From: Herbert Xu <herbert@xxxxxxxxxxxxxxxxxxx>
Subject: Re: issue with new TCP TSO stuff
Date: Fri, 13 May 2005 09:52:36 +1000
> > #2 could be handled by down-sizing TSO frames when packet loss occurs.
> > Ie. tcp_retransmit_skb() or whatever will segmentize a TSO packet
> > which is within the sequence it is trying to retransmit. Implementing
> > this is non- trivial mostly due to the fact that it has to work handle
> > GFP_ATOMIC memory failures and also get all the pcount crap correct.
> I think most of the code to do that might already be there. Pity
> we'll have to keep track of the pcount though.
Yes, when we walk the queue to retransmit, we chop up the
TSO frame via tcp_trim_head() and tcp_fragment(). It is
very loose and would need refinements though.

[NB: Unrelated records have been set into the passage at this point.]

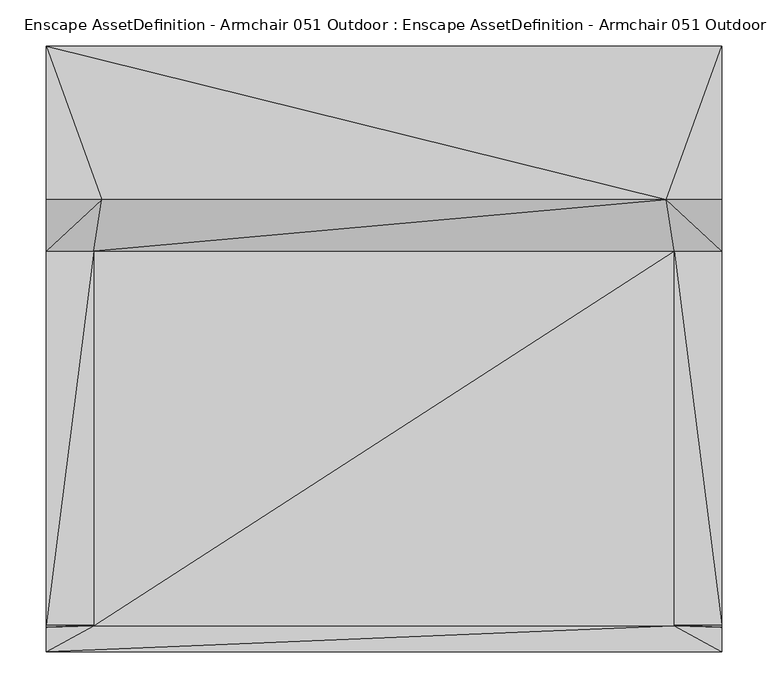
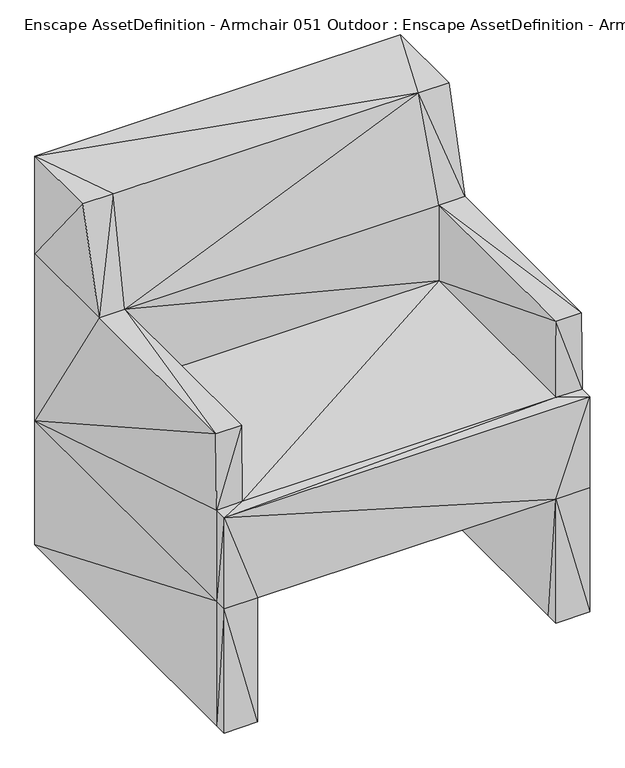
"""IFC4 building model written with IfcOpenShell, lengths in millimetres: geographic element geometry, Enscape AssetDefinition - Armchair 051 Outdoor : Enscape AssetDefinition - Armchair 051 Outdoor."""

import ifcopenshell
import ifcopenshell.guid

model = None  # the IFC model being written
_history = None  # IfcOwnerHistory: only IFC2X3 demands one
_inside = {}  # id of a spatial element -> (the spatial element, [elements in it])
_under = {}  # id of a project, library or spatial element -> (it, [spatial elements below it])
_declared = {}  # id of a project -> (the project, [libraries it declares])
_typed = {}  # id of a type object -> (the type object, [elements of that type])
_made_of = {}  # id of a material, layer set ... -> (it, [elements and type objects made of it])


def new_model(schema):
    """Start an empty IFC model of exactly this schema.

    Asked for "IFC4X3", IfcOpenShell would pick the latest addendum, in which some entities
    have other attributes; the version numbers below select the first issue.
    IFC2X3 requires an IfcOwnerHistory on every rooted entity: one is made here for all.
    """
    global model, _history
    if schema == "IFC4X3":
        model = ifcopenshell.file(schema_version=(4, 3, 0, 0))
    else:
        model = ifcopenshell.file(schema=schema)
    _inside.clear()
    _under.clear()
    _declared.clear()
    _typed.clear()
    _made_of.clear()
    _history = None
    if model.schema == "IFC2X3":
        org = make("IfcOrganization", Name="unknown")
        user = make(
            "IfcPersonAndOrganization",
            ThePerson=make("IfcPerson", FamilyName="unknown"),
            TheOrganization=org,
        )
        app = make(
            "IfcApplication",
            ApplicationDeveloper=org,
            Version="unknown",
            ApplicationFullName="unknown",
            ApplicationIdentifier="unknown",
        )
        _history = make(
            "IfcOwnerHistory",
            OwningUser=user,
            OwningApplication=app,
            ChangeAction="ADDED",
            CreationDate=0,
        )
    return model


def make(cls, **values):
    """One entity of the class cls with the attributes given. An attribute that is None is left unset."""
    return model.create_entity(
        cls, **{name: value for name, value in values.items() if value is not None}
    )


def rooted(cls, **values):
    """An entity with a GlobalId (a new one), such as an element, a storey or a relation."""
    return make(cls, GlobalId=ifcopenshell.guid.new(), OwnerHistory=_history, **values)


def si_unit(unit_type, name, prefix=None):
    """IfcSIUnit, for example si_unit("LENGTHUNIT", "METRE", prefix="MILLI")."""
    return make("IfcSIUnit", UnitType=unit_type, Prefix=prefix, Name=name)


def assignment(units):
    """IfcUnitAssignment: the units of a project."""
    return None if units is None else make("IfcUnitAssignment", Units=units)


def point(xyz):
    """IfcCartesianPoint."""
    return None if xyz is None else make("IfcCartesianPoint", Coordinates=xyz)


def direction(xyz):
    """IfcDirection."""
    return None if xyz is None else make("IfcDirection", DirectionRatios=xyz)


def frame(location, z_axis=None, x_axis=None):
    """IfcAxis2Placement3D, a coordinate frame: its origin and axes. An axis left out is left unset."""
    return make(
        "IfcAxis2Placement3D",
        Location=point(location),
        Axis=direction(z_axis),
        RefDirection=direction(x_axis),
    )


def origin():
    """The frame at (0, 0, 0) with its axes left unset."""
    return frame((0.0, 0.0, 0.0))


def place(relative_to, where):
    """IfcLocalPlacement: puts the frame where relative to a parent placement (None: the world)."""
    return make(
        "IfcLocalPlacement", PlacementRelTo=relative_to, RelativePlacement=where
    )


def context(
    kind, dimensions, precision=None, world=None, true_north=None, identifier=None
):
    """IfcGeometricRepresentationContext, for example the 3D "Model" context."""
    return make(
        "IfcGeometricRepresentationContext",
        ContextIdentifier=identifier,
        ContextType=kind,
        CoordinateSpaceDimension=dimensions,
        Precision=precision,
        WorldCoordinateSystem=world,
        TrueNorth=true_north,
    )


def project(units=None, contexts=None):
    """IfcProject with its units and contexts."""
    return rooted(
        "IfcProject",
        Name="project",
        RepresentationContexts=contexts,
        UnitsInContext=assignment(units),
    )


def spatial(cls, under=None, at=None, **own):
    """A site, building, storey or space (cls), placed at a placement, below another one or the project."""
    s = rooted(cls, ObjectPlacement=at, **own)
    if under is not None:
        _under.setdefault(under.id(), (under, []))[1].append(s)
    return s


def faces_of(points, faces, orient=None, outer=None):
    """IfcFace entities. A face is a list of loops; a loop is a list of indices into points, from 0.

    orient and outer hold one flag for each loop. By default every Orientation is true, the
    first loop of a face is its IfcFaceOuterBound and the others are IfcFaceBound.
    """
    made = []
    for i, loops in enumerate(faces):
        bounds = []
        for j, loop in enumerate(loops):
            is_outer = j == 0 if outer is None else outer[i][j]
            bounds.append(
                make(
                    "IfcFaceOuterBound" if is_outer else "IfcFaceBound",
                    Bound=make("IfcPolyLoop", Polygon=[points[k] for k in loop]),
                    Orientation=True if orient is None else orient[i][j],
                )
            )
        made.append(make("IfcFace", Bounds=bounds))
    return made


def faceted_brep(points, faces, orient=None, outer=None, voids=None):
    """IfcFacetedBrep: a solid bounded by flat faces; with voids (closed shells), ...WithVoids."""
    shared = [point(p) for p in points]
    hull = make("IfcClosedShell", CfsFaces=faces_of(shared, faces, orient, outer))
    if voids is None:
        return make("IfcFacetedBrep", Outer=hull)
    return make(
        "IfcFacetedBrepWithVoids",
        Outer=hull,
        Voids=[
            make(cls, CfsFaces=faces_of(shared, fs, o, b)) for cls, fs, o, b in voids
        ],
    )


def shape(context_of_items, identifier, shape_type, items):
    """IfcShapeRepresentation: the items that make up one representation, for example the "Body"."""
    return make(
        "IfcShapeRepresentation",
        ContextOfItems=context_of_items,
        RepresentationIdentifier=identifier,
        RepresentationType=shape_type,
        Items=items,
    )


def source(mapping_origin, context_of_items, identifier, shape_type, items):
    """IfcRepresentationMap: a shape defined once, which mapped items show again and again."""
    return make(
        "IfcRepresentationMap",
        MappingOrigin=mapping_origin,
        MappedRepresentation=shape(context_of_items, identifier, shape_type, items),
    )


def transform(
    local_origin,
    x_axis=None,
    y_axis=None,
    z_axis=None,
    scale=None,
    scale2=None,
    scale3=None,
    uniform=True,
):
    """IfcCartesianTransformationOperator3D, or its non-uniform kind. x_axis, y_axis, z_axis: its Axis1, 2, 3."""
    if uniform:
        return make(
            "IfcCartesianTransformationOperator3D",
            Axis1=direction(x_axis),
            Axis2=direction(y_axis),
            LocalOrigin=point(local_origin),
            Scale=scale,
            Axis3=direction(z_axis),
        )
    return make(
        "IfcCartesianTransformationOperator3DnonUniform",
        Axis1=direction(x_axis),
        Axis2=direction(y_axis),
        LocalOrigin=point(local_origin),
        Scale=scale,
        Axis3=direction(z_axis),
        Scale2=scale2,
        Scale3=scale3,
    )


def mapped(mapping_source, mapping_target):
    """IfcMappedItem: shows the shape of a source again, moved by a transform."""
    return make(
        "IfcMappedItem", MappingSource=mapping_source, MappingTarget=mapping_target
    )


def made_of(thing, what):
    """Note that an element or type object is made of a material, layer set ...; save() writes the relation."""
    if what is not None:
        _made_of.setdefault(what.id(), (what, []))[1].append(thing)
    return thing


def element(
    cls,
    number,
    at=None,
    inside=None,
    cuts=None,
    type_object=None,
    material=None,
    context=None,
    identifier="Body",
    shape_type=None,
    held_by="IfcProductDefinitionShape",
    body=None,
    shapes=None,
    **own,
):
    """One element of the class cls, such as IfcWall. Its Tag is "e" and its number.

    at: its placement. inside: the storey or other place that contains it. cuts: it is an
    opening in that element (IfcRelVoidsElement). A single representation is given by context,
    identifier, shape_type and body (its items); several are given by shapes. held_by: the class
    of the entity that holds the representations. save() writes the other relations.
    """
    e = rooted(cls, Tag="e%d" % number, ObjectPlacement=at, **own)
    if body is not None:
        shapes = [shape(context, identifier, shape_type, body)]
    if shapes is not None:
        e.Representation = make(held_by, Representations=shapes)
    if inside is not None:
        _inside.setdefault(inside.id(), (inside, []))[1].append(e)
    if cuts is not None:
        rooted(
            "IfcRelVoidsElement", RelatingBuildingElement=cuts, RelatedOpeningElement=e
        )
    if type_object is not None:
        _typed.setdefault(type_object.id(), (type_object, []))[1].append(e)
    return made_of(e, material)


def aggregate(whole, parts):
    """IfcRelAggregates: a whole, such as a stair, and the parts it consists of."""
    return rooted("IfcRelAggregates", RelatingObject=whole, RelatedObjects=parts)


def save(model, path):
    """Write the relations noted so far, then the file.

    IfcRelAggregates (storeys below a building ...), IfcRelContainedInSpatialStructure (elements
    in a storey), IfcRelDefinesByType, IfcRelAssociatesMaterial and IfcRelDeclares: one each for
    every whole, place, type object, material and project.
    """
    for whole, parts in _under.values():
        aggregate(whole, parts)
    for where, things in _inside.values():
        rooted(
            "IfcRelContainedInSpatialStructure",
            RelatedElements=things,
            RelatingStructure=where,
        )
    for kind, things in _typed.values():
        rooted("IfcRelDefinesByType", RelatedObjects=things, RelatingType=kind)
    for what, things in _made_of.values():
        rooted("IfcRelAssociatesMaterial", RelatedObjects=things, RelatingMaterial=what)
    for by, libraries in _declared.values():
        rooted("IfcRelDeclares", RelatingContext=by, RelatedDefinitions=libraries)
    model.write(path)


def enscape_assetdefinition_armchair_051_outdoor_enscape_3bb1fc3b(model_context):
    return source(origin(), model_context, "Body", "Brep", [
        faceted_brep([(366.5315211, -338.9842808, 262.8994286), (366.5315211, -338.9842808, 0.0), (366.5315211, -312.5311434, 0.0), (297.9772687, -338.9842808, 262.8994286), (297.9772687, -338.9842808, 0.0), (366.5315211, -312.5311732, 262.8994286), (366.5315211, 318.3681071, 0.0), (297.9772687, -312.5311434, 0.0), (366.5315211, -312.5311434, 455.7757676), (366.5315211, -338.9842808, 455.7757676), (366.5315211, 318.2037771, 262.8994286), (297.9772687, 318.3681071, 0.0), (297.9772687, 318.3681071, 262.8994286), (366.5315211, 95.6787542, 616.045773), (366.5315211, 318.3681071, 616.045773), (-299.4500101, -338.9842808, 262.8994286), (-299.4500101, 318.3681369, 262.8994286), (366.5315211, 151.5535414, 823.101759), (366.5315211, 318.3681071, 823.101759), (-366.5315211, 318.3681071, 616.045773), (306.0434759, 151.5535414, 823.101759), (-366.5315211, 318.3681071, 823.101759), (-366.5315211, 318.2038069, 262.8994286), (-366.5315211, 95.6787542, 616.045773), (-366.5315211, 151.5535414, 823.101759), (-306.0434759, 151.5535414, 823.101759), (314.7111535, 95.6787691, 616.045773), (-314.7111535, 95.6787691, 616.045773), (-366.5315211, -309.6081913, 616.045773), (-314.7111535, 95.6787542, 456.248343), (314.7111535, 95.6787542, 456.248343), (-314.7111535, -309.6081913, 616.045773), (314.7111535, -309.6081913, 616.045773), (366.5315211, -309.6081913, 616.045773), (314.6753907, -311.0696673, 456.0120404), (-314.6753907, -311.0696673, 456.0120404), (-366.5315211, -312.5311434, 455.7757676), (-366.5315211, -338.9842808, 455.7757676), (-366.5315211, -312.5311732, 262.8994286), (-366.5315211, -338.9842808, 262.8994286), (-366.5315211, 318.3681071, 0.0), (-366.5315211, -312.5311434, 0.0), (-366.5315211, -338.9842808, 0.0), (-299.4500101, -338.9842808, 0.0), (-299.4500101, -312.5311732, 0.0), (-299.4500101, 318.3681071, 0.0)], [[[0, 1, 2]], [[3, 4, 1]], [[4, 2, 1]], [[3, 1, 0]], [[5, 2, 6]], [[4, 7, 2]], [[0, 2, 5]], [[7, 6, 2]], [[0, 5, 8]], [[3, 0, 9]], [[0, 8, 9]], [[5, 10, 8]], [[5, 6, 10]], [[7, 11, 6]], [[10, 6, 11]], [[3, 7, 4]], [[3, 11, 7]], [[12, 11, 3]], [[10, 11, 12]], [[8, 10, 13]], [[13, 10, 14]], [[10, 12, 14]], [[12, 3, 15]], [[14, 12, 16]], [[12, 15, 16]], [[13, 14, 17]], [[17, 14, 18]], [[19, 18, 14]], [[14, 16, 19]], [[20, 17, 18]], [[20, 13, 17]], [[21, 18, 19]], [[18, 21, 20]], [[19, 22, 23]], [[21, 19, 24]], [[16, 22, 19]], [[24, 19, 23]], [[21, 24, 25]], [[20, 21, 25]], [[26, 13, 20]], [[25, 27, 20]], [[20, 27, 26]], [[24, 23, 25]], [[25, 23, 27]], [[23, 28, 27]], [[22, 28, 23]], [[29, 30, 27]], [[27, 31, 29]], [[27, 30, 26]], [[27, 28, 31]], [[32, 33, 26]], [[26, 33, 13]], [[30, 32, 26]], [[8, 13, 33]], [[32, 8, 33]], [[34, 8, 32]], [[34, 32, 30]], [[29, 35, 30]], [[30, 35, 34]], [[29, 31, 35]], [[28, 36, 31]], [[31, 36, 35]], [[22, 36, 28]], [[35, 36, 37]], [[22, 38, 36]], [[38, 37, 36]], [[35, 37, 34]], [[9, 8, 34]], [[34, 37, 9]], [[38, 39, 37]], [[15, 37, 39]], [[3, 37, 15]], [[3, 9, 37]], [[40, 41, 38]], [[41, 39, 38]], [[40, 38, 22]], [[41, 42, 39]], [[43, 15, 39]], [[43, 39, 42]], [[43, 16, 15]], [[44, 43, 42]], [[44, 16, 43]], [[44, 42, 41]], [[45, 44, 41]], [[45, 41, 40]], [[45, 40, 22]], [[45, 16, 44]], [[45, 22, 16]]]),
    ])


if __name__ == "__main__":
    model = new_model("IFC4")
    model_context = context("Model", 3, world=origin())
    ifc_project = project(units=[si_unit("LENGTHUNIT", "METRE", prefix="MILLI")], contexts=[model_context])
    site = spatial("IfcSite", under=ifc_project)
    building = spatial("IfcBuilding", under=site)
    placement = place(None, origin())
    enscape_assetdefinition_armchair_051_outdoor_enscape_shape = enscape_assetdefinition_armchair_051_outdoor_enscape_3bb1fc3b(model_context)
    element("IfcGeographicElement", 1, ObjectType="Enscape AssetDefinition - Armchair 051 Outdoor : Enscape AssetDefinition - Armchair 051 Outdoor", at=placement, inside=building, context=model_context, shape_type="MappedRepresentation", body=[
        mapped(enscape_assetdefinition_armchair_051_outdoor_enscape_shape, transform((0.0, 0.0, 0.0), x_axis=(1.0, 0.0, 0.0), y_axis=(0.0, 1.0, 0.0), z_axis=(0.0, 0.0, 1.0))),
    ])
    save(model, "model.ifc")

# Revit data of these elements
# Type "Enscape AssetDefinition - Armchair 051 Outdoor : Enscape AssetDefinition - Armchair 051 Outdoor"
#   EnscapeAssetSource = "REMOTE"
#   EnscapeAssetId = "e77b8969-5191-44e8-81fd-99cd1dc6d434"
#   Height = 823.102 mm
#   EnscapeNativeAssetHeight = 823.102 mm
#   Default Elevation = 0

I think we'd be OK, because even if we get a GFP_ATOMIC allocation
failure, it's just like any other failure. We're doing retransmits
so a timer will be the worst case deadlock breaker should we get an
allocation failure while chopping up the TSO frame.
This actually makes me worried about sk->sk_send_head advancement.
I think we have a deadlock possible here. If sk->sk_send_head is
the only packet in the output queue, and the remote system has no
reason to send us zero-window probes or any other packets, we could
wedge if the skb_clone() fails for the tcp_transmit_skb() call.
We won't set any timers if we fail to send that single sk->sk_send_head
write queue packet, and we have no pending frames waiting to be ACK'd,
so nothing will wake us up to retry the transmit.
> > and size appropriately. I think the tcp_snd_test() simplifications
> > made by my TSO Reloaded patch would help a lot here. The send test is
> > logically now split to it's two tests 1) whether to send anything at
> > all, and 2) once #1 passes, how many such packets.
> That was another one of my comments to your patch :) I was going to
> suggest that we move the cwnd/in_flight loop from tcp_snd_test to
One elegant part of the tcp_snd_test() in the TCP Reloaded patch is
that tcp_write_queue() calls it exactly once.
That loop in there is bogus and unnecessary. In the changelog for
the TCP Reloaded patch I mention that this can be simplified into:
new_packets = skb_queue_len(&sk->sk_write_queue) - in_flight;
cwnd -= in_flight;
return min(new_packets, cwnd);
It is a BUG() for this calculation to be larger than the number of
packets from sk->sk_send_head to the end of the write queue (which is
the invariant we must guarentee for our caller). We could even check
for this while debugging the implementation early on.
> > This would be a sort of super-TSO that would do less segmenting work
> > than even a "perfect" TSO segmenter would.
> > I'm still not sure which approach is best, just throwing around some
> > ideas.
> On paper your new super-TSO approach sounds the best. However, I
> suppose we won't know for sure until we try :)
Yeah, TCP Reloaded sounded really nice on paper too :-)
To handle these super-TSO frames properly, we would need to add
sk->sk_send_offset to go along with sk->sk_send_head. So then
update_send_head() would advance sk->sk_send_offset, and if that
completely consumed sk->sk_send_head then the pointer would be
Tests of sk->sk_send_head would need to be fixed up similarly.